-- About this task --
Only the lines with "ezdxf" in the entries below belong in the answer; please copy them.

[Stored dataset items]
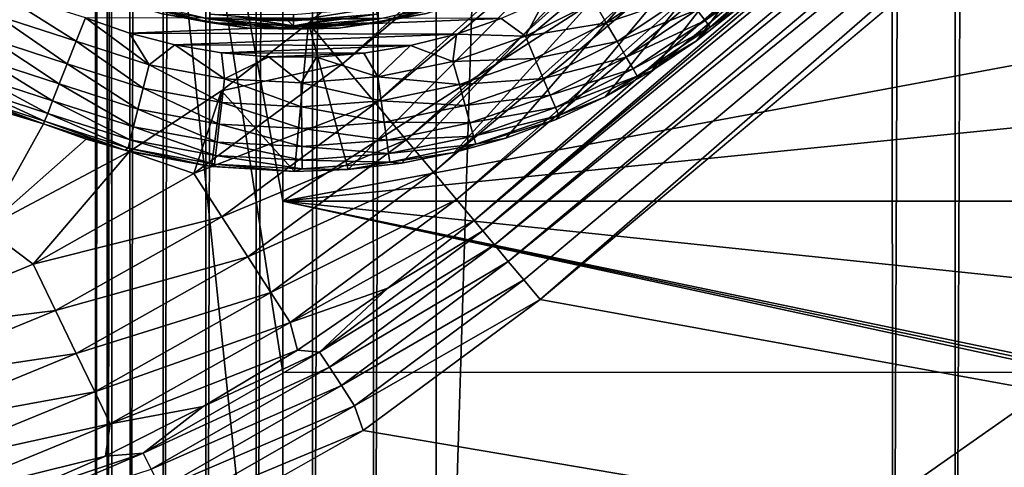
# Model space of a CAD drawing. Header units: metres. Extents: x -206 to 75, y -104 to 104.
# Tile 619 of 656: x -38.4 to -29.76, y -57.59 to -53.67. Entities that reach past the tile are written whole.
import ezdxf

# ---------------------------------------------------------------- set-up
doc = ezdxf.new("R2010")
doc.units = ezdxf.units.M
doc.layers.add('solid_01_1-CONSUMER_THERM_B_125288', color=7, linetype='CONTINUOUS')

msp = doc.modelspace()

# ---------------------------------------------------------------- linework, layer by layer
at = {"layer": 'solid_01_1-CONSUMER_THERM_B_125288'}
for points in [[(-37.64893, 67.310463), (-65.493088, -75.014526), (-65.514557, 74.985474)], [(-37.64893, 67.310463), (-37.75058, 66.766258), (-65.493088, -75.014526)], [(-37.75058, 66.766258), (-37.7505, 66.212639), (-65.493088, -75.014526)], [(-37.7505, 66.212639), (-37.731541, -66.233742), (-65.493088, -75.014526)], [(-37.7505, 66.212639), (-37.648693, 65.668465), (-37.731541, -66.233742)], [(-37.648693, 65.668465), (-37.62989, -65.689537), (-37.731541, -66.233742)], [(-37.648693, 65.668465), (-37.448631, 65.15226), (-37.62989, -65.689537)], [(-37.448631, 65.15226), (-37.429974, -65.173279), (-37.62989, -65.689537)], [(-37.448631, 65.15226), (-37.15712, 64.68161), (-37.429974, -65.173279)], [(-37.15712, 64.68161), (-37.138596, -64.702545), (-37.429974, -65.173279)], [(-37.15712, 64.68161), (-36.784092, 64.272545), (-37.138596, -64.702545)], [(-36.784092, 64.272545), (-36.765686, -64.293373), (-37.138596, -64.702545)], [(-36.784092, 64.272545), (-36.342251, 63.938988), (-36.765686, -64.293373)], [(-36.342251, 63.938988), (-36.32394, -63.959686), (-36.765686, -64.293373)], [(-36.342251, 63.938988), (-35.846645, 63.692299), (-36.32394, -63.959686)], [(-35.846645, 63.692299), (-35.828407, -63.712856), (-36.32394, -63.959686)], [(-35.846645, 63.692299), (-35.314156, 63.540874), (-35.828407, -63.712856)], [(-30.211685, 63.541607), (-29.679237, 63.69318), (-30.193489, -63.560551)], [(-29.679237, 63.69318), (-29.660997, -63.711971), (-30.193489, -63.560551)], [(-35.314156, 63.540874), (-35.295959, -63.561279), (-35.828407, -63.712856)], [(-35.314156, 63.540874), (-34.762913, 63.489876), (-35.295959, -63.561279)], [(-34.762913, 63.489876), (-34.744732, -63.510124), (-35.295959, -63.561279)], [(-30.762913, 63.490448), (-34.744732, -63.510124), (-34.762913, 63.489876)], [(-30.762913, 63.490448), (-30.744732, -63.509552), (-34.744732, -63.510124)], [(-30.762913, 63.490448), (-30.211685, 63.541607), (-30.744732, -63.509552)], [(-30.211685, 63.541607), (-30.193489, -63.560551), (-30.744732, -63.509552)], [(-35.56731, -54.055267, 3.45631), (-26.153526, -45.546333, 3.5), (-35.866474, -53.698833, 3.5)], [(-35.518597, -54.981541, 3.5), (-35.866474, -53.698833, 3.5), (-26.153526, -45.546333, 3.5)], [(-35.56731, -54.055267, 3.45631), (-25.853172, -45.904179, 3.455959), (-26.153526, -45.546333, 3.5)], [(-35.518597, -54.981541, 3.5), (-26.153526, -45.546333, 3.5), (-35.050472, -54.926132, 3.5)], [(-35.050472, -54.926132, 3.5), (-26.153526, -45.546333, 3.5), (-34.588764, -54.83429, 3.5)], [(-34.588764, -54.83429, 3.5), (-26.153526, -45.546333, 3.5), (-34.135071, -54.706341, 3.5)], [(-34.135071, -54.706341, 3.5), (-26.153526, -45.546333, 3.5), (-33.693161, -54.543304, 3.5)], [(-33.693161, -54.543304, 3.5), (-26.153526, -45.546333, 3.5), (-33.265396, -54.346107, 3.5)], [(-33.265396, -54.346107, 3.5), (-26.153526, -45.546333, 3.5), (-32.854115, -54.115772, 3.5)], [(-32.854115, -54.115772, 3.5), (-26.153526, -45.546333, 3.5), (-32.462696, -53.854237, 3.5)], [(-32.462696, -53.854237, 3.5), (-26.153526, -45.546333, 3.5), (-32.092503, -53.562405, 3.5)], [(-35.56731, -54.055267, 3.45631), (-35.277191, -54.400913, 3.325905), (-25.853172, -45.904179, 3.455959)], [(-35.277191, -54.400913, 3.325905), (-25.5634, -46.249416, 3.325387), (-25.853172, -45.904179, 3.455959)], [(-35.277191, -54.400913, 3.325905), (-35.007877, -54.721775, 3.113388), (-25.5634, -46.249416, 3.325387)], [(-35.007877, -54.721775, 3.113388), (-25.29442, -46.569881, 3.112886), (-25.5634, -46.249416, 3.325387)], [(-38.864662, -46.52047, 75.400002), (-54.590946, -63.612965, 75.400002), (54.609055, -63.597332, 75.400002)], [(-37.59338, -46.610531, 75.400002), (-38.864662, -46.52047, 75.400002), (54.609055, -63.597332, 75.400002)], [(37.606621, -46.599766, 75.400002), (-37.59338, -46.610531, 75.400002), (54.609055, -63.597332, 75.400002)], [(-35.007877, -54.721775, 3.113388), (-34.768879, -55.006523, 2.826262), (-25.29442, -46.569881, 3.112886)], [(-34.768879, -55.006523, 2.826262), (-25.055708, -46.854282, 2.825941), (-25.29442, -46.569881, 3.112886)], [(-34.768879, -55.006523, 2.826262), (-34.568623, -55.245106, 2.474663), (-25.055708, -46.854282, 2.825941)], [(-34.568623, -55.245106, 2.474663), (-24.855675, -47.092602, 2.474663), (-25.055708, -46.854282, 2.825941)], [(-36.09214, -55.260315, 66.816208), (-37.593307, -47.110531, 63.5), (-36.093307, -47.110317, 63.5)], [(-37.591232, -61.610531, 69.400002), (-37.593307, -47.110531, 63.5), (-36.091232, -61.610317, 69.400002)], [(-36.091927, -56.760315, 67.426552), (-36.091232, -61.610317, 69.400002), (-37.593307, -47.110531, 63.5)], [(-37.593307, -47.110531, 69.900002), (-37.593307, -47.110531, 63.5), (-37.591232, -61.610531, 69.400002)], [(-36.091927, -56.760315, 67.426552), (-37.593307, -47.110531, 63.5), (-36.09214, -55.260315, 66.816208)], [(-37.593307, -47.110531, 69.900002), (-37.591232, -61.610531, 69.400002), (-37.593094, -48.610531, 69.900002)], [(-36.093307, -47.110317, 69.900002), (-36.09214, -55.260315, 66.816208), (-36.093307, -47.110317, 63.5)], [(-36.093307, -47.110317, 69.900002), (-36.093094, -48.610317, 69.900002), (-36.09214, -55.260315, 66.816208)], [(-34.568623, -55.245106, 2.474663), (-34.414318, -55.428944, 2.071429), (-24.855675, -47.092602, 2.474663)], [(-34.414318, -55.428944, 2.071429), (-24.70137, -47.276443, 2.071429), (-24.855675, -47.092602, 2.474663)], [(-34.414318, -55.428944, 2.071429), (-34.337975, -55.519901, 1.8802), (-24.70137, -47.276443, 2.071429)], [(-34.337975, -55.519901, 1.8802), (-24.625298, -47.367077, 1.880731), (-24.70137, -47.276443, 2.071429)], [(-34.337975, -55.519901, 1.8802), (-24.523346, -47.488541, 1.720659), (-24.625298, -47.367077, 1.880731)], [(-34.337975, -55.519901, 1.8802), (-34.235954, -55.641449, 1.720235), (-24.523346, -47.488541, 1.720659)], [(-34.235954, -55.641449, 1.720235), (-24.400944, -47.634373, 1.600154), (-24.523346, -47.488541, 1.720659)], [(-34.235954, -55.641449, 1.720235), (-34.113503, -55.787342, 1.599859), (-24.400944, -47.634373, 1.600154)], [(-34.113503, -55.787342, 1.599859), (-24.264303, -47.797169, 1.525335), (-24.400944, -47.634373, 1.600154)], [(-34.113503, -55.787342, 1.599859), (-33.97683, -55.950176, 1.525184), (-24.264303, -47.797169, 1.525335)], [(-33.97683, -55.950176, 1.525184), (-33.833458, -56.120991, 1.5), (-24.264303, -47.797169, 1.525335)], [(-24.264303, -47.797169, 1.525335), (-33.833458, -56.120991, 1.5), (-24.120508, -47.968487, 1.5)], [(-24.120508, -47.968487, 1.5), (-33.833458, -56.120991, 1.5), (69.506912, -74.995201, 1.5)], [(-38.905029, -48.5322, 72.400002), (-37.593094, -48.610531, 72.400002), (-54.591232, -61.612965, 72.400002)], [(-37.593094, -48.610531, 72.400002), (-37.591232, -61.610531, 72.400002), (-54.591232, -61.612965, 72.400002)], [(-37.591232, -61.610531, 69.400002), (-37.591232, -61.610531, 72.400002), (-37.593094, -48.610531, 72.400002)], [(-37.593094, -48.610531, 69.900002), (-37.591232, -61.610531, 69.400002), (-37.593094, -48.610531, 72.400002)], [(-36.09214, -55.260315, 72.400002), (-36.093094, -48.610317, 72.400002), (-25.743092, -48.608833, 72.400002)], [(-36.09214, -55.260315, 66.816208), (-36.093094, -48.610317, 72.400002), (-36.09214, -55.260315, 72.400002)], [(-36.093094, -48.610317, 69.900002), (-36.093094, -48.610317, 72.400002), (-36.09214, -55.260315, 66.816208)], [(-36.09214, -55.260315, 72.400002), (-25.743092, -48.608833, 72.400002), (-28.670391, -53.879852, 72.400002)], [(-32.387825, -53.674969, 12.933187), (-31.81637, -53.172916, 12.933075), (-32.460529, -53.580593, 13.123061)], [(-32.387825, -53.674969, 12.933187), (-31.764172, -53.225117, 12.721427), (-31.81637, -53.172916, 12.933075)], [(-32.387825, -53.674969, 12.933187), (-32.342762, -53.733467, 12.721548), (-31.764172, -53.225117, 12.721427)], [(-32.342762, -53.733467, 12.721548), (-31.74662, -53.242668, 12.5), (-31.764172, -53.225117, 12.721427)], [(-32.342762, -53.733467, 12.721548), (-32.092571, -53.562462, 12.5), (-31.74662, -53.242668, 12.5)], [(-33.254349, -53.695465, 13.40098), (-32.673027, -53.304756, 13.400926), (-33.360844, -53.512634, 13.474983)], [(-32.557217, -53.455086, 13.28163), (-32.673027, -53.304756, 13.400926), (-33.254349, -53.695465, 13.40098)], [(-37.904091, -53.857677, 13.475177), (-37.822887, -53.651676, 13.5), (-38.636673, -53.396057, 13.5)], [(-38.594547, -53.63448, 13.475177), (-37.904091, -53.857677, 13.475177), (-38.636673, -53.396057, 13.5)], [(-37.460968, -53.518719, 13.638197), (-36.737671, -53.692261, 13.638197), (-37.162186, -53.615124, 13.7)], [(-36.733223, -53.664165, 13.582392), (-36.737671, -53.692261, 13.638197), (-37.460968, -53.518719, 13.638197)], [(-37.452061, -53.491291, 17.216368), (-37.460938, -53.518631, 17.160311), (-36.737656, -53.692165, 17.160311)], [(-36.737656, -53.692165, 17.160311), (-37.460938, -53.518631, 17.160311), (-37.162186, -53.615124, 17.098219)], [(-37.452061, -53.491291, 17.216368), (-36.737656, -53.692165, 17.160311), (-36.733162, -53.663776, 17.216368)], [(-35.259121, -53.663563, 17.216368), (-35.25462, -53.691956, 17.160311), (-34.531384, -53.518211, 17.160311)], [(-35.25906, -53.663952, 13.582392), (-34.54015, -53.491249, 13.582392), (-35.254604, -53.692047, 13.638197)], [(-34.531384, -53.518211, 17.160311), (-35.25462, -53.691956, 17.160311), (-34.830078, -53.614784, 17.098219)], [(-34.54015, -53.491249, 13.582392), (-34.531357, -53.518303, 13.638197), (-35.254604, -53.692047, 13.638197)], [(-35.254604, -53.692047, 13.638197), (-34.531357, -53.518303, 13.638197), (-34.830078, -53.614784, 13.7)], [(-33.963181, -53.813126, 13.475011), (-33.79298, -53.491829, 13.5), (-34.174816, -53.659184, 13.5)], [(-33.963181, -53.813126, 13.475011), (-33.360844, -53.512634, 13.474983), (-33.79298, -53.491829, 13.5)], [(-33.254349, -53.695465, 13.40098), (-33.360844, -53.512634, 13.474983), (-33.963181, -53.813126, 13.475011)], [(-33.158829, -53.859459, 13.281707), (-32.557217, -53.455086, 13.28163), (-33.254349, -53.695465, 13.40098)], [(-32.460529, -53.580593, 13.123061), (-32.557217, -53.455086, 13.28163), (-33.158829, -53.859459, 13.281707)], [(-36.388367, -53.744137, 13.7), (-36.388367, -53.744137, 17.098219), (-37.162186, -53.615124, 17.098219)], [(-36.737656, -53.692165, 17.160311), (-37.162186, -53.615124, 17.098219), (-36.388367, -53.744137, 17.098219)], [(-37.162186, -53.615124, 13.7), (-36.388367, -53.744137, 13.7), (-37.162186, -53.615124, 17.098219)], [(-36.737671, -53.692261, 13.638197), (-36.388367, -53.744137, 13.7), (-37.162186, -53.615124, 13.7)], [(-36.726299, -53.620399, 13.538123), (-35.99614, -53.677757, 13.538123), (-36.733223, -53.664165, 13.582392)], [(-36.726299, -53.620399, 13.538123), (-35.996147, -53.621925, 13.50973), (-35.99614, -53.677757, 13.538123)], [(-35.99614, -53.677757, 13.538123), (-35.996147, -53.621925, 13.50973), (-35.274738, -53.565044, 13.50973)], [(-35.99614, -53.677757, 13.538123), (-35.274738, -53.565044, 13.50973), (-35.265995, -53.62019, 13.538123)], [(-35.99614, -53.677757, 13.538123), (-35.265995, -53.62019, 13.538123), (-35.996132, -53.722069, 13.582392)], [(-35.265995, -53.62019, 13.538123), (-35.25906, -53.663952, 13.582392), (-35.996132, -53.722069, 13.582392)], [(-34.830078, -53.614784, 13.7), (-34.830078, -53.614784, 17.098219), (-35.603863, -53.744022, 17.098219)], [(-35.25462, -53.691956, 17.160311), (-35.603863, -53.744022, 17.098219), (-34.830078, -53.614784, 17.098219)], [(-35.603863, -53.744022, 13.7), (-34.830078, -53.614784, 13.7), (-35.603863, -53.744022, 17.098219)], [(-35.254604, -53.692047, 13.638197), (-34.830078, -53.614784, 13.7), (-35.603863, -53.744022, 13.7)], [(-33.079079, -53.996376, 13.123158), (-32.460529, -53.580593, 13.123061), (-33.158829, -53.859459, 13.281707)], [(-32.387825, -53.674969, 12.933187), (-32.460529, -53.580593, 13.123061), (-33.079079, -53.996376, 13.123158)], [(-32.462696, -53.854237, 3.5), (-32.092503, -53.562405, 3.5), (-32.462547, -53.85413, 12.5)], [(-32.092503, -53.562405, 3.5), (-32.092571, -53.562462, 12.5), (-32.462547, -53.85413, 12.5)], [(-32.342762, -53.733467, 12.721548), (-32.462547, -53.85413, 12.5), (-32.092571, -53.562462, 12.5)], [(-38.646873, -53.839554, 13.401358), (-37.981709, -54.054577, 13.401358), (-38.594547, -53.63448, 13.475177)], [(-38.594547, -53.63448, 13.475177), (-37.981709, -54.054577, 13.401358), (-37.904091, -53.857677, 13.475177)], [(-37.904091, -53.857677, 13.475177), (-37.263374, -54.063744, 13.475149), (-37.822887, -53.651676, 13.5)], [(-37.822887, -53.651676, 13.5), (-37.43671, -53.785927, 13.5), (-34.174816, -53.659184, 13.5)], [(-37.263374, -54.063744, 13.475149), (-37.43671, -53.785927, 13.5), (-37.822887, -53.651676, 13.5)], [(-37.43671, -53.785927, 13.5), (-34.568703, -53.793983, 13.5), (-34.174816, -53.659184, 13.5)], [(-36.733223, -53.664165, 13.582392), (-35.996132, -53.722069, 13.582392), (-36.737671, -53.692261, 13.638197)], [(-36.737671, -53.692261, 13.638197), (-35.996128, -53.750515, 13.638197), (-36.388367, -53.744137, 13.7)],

-- Answer box --
import ezdxf
doc = ezdxf.new("R2010")
doc.units = ezdxf.units.M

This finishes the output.